Sensual Healing: Dazeases Flaunts Her Lo-Fi Pop Relationships Like Nobody’s Watching

London Perry wants to be uncensored. It’s why she wears lingerie when performing and why her songs are so gut-wrenchingly emotional.

Perry performs as Dazeases, a name inspired by the banned Czech film “Daisies” — a madcap ’60s feminist farce. She sings sad, lo-fi pop to tracks that she’s written and programmed into her laptop using Garageband, a music creation program with a sound library including software instruments and virtual session drummers.

The bare-bones performance method stems from a lack of musical education.

Childhood violin lessons and voice lessons helped, but Perry says she still doesn’t understand formal music theory progressions: “The notations and mathematics of Western music are not how I think about music.”

Working around her limitations, Perry keeps it simple by walking onstage and pressing a button on her laptop.

“I want to focus on singing and moving my body, being as emotional as possible onstage,” she says. “I want to perform in front of people with a level of vulnerability and emotionality as if they weren’t there.”

Much of that has to do with wanting to use a conceptual space to oppose and censor the projections that she says men put on her in modern society.

A Wyoming native, Perry grew up in Williamsburg and graduated from Virginia Commonwealth University in December. After a year of occasionally playing as Dazeases, she was ready to use her personal songs to commit to a consistent musical effort and persona.

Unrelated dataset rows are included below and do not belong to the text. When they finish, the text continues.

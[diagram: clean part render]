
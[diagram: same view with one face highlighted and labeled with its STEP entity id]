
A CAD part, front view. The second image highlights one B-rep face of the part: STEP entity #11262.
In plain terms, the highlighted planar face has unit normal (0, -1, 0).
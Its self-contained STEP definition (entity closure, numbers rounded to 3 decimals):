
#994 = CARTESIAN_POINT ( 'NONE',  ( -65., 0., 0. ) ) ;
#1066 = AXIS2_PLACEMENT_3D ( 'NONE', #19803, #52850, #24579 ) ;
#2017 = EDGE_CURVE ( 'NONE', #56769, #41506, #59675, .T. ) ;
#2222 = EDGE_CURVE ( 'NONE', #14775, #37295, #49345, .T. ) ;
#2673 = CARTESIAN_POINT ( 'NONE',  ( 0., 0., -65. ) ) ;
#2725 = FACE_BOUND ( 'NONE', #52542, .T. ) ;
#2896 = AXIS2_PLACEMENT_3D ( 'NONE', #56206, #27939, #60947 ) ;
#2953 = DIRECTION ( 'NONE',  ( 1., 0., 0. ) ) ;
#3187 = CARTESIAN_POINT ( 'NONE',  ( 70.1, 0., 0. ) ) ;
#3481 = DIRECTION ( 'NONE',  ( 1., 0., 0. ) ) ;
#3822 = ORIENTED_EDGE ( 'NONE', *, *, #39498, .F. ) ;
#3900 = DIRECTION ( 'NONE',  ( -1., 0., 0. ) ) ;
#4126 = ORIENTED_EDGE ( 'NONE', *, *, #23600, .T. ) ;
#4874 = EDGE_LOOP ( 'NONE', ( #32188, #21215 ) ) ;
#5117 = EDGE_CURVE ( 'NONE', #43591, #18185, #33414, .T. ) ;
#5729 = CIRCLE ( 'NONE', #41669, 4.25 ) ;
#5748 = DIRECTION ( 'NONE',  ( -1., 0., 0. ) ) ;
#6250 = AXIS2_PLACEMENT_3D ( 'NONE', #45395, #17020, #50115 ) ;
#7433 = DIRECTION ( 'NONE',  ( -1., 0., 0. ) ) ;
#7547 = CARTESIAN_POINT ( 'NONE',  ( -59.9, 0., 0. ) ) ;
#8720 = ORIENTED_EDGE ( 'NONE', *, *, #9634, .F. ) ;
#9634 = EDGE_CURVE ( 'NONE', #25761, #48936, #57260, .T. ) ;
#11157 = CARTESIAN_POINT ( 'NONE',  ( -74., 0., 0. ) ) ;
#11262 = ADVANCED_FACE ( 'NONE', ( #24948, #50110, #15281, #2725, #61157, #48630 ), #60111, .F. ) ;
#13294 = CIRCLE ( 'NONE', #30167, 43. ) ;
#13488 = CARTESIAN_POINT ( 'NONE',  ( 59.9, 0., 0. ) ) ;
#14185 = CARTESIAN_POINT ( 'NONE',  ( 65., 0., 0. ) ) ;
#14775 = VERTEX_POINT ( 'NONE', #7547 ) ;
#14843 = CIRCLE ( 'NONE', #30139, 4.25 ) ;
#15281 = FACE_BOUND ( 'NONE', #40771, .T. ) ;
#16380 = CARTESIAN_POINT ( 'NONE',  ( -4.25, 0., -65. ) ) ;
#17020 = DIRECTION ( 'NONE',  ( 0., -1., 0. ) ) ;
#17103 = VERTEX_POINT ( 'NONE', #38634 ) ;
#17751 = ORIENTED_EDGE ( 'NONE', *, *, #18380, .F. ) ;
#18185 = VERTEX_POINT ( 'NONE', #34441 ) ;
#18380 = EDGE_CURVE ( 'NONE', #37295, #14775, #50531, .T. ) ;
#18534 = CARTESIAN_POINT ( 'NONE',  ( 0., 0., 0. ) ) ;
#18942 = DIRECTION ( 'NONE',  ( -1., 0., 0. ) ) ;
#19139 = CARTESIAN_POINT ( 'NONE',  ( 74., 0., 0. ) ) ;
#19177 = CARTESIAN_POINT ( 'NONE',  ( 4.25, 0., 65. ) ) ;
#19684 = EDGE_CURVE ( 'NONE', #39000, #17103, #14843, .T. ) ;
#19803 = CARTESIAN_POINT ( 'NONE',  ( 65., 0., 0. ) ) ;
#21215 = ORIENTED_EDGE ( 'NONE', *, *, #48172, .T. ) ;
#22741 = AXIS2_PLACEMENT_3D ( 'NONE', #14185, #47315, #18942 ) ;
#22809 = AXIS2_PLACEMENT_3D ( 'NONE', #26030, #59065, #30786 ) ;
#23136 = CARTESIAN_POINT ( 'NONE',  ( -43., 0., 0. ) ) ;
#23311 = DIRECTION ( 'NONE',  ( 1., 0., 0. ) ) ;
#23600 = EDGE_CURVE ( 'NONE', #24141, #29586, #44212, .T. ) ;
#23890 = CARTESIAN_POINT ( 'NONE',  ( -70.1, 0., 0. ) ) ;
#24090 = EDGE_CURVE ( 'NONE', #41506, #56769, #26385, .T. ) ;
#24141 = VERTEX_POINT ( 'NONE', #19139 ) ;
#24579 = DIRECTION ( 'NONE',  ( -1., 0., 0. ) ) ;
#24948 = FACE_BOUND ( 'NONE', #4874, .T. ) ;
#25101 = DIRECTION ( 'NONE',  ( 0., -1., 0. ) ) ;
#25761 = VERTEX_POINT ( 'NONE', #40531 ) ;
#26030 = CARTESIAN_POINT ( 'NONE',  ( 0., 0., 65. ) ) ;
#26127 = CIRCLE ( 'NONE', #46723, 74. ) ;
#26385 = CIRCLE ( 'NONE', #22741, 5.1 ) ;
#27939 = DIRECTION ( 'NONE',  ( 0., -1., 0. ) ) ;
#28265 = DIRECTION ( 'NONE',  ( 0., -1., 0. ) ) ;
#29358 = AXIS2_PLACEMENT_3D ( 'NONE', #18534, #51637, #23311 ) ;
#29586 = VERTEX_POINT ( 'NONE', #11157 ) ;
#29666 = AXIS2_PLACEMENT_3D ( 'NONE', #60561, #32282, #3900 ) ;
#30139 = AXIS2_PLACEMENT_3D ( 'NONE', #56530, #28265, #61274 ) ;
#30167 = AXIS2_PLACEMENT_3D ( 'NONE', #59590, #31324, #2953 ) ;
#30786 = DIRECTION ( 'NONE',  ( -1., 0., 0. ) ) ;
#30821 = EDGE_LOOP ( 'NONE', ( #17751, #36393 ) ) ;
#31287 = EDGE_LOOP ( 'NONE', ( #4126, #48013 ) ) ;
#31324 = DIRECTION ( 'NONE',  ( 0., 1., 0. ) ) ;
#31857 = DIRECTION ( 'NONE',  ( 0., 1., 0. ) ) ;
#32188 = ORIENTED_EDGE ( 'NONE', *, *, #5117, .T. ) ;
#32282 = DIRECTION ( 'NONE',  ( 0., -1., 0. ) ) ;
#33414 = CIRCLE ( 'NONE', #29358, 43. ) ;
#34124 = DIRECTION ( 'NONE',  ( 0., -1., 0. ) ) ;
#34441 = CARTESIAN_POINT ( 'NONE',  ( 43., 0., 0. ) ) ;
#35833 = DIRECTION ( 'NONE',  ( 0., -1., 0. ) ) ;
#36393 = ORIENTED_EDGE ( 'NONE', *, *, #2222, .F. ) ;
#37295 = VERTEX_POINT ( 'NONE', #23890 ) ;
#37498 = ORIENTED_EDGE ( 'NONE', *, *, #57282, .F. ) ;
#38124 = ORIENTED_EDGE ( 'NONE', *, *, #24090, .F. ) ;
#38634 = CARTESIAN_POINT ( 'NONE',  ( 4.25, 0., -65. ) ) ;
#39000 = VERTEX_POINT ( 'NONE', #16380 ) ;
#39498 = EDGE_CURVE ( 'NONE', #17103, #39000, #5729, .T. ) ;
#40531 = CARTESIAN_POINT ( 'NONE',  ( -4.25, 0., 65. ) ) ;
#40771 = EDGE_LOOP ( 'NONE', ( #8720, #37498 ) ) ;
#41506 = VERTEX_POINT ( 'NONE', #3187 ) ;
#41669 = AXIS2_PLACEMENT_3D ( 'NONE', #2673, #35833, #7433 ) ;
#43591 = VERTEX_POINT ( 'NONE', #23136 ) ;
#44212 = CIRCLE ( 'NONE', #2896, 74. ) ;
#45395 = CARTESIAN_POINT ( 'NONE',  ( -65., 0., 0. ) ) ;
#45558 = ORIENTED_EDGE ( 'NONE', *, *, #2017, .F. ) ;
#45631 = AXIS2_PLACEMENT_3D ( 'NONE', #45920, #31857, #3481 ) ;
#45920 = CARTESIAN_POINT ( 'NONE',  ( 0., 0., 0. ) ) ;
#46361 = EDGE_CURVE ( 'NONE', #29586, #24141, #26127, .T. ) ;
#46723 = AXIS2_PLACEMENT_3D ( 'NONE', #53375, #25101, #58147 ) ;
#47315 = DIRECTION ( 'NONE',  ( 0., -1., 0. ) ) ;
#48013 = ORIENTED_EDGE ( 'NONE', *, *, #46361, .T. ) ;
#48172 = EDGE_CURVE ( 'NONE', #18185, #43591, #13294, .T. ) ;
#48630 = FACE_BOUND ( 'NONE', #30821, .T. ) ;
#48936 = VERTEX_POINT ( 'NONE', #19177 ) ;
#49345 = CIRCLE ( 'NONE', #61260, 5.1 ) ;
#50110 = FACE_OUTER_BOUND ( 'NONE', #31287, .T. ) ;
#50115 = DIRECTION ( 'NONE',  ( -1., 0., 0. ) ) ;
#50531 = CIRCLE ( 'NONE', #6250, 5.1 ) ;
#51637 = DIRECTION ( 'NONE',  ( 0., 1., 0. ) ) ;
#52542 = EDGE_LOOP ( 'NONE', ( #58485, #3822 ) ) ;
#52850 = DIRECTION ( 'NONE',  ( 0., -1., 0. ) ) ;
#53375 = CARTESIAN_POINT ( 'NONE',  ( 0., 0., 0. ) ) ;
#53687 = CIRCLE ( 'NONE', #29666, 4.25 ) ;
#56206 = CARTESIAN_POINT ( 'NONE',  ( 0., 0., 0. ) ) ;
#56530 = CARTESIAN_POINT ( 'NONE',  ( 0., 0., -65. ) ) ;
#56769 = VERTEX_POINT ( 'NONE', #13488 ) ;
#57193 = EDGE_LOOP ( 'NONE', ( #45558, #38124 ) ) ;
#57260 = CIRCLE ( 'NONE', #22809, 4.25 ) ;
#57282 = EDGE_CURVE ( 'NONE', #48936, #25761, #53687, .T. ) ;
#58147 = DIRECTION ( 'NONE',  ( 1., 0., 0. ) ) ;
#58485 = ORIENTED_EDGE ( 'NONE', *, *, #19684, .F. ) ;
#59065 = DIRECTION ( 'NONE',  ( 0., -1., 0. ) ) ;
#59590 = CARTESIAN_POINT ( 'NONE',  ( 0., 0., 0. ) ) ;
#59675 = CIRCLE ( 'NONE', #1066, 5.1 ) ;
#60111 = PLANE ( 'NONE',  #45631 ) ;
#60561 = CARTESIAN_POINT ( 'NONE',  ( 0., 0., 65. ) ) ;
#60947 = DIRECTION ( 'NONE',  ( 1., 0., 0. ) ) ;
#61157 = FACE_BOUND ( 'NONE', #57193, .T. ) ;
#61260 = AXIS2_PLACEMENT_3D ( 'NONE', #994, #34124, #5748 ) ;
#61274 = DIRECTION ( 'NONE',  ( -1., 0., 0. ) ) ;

The uncharacteristically poppy “Sad College Kids” was written in a weekend, the result of a friend’s request to write something for his short film. Composing a second work for film proved just as effortless because, unlike her own songwriting, she didn’t have to pour her emotional heart into it.

Lyrics such as “I’m down to the filter / Chain-fuck, never sober / You tell me baby you should pray / But I don’t know a higher power than desire” all but force the audience to relate to her through the sheer drama of her voice while she prowls the stage.

“Like with my song ‘Shadow Bastard,’” she says, “I opened the door to be hyper-explicit without losing poetic, nuanced language.”

After an intense writing period, resolved to be as open as she’d been with her original material, she self-released a new EP in April.

“It feels like there are lots of things that go undiscussed or not heard, and I need to say those things,” she says of laying bare her life. “I’ve had exes come to shows and it’s frustrating when a song I wrote two years ago still feels relevant.”

An admitted melancholic, Perry accepts that happy songs aren’t her thing. Right as her last serious relationship ended, Dazeases really took off, a means for her to exorcise demons and move on.

What’s important now is growing as an artist.

“I don’t know how long I’ll be making music,” she says. “I don’t want to hear someone’s debut and then the third album and nothing’s different.”

During recent shows at Gallery5, Hardywood and Strange Matter, not everyone gets the combination of revealing attire and soul-baring songs, with crowds split between fans clearly relating to the emotion and a few merely admiring the messenger.

Perry says she identifies as a sensual person and wants to be that way onstage.

“I want a visual juxtaposition with my song lyrics,” she says. “When I sing about being exploited, who’s going to remember she’s hot and who was really listening?”

Dazeases performs May 5 at Rag and Bones, 3110 W. Leigh St.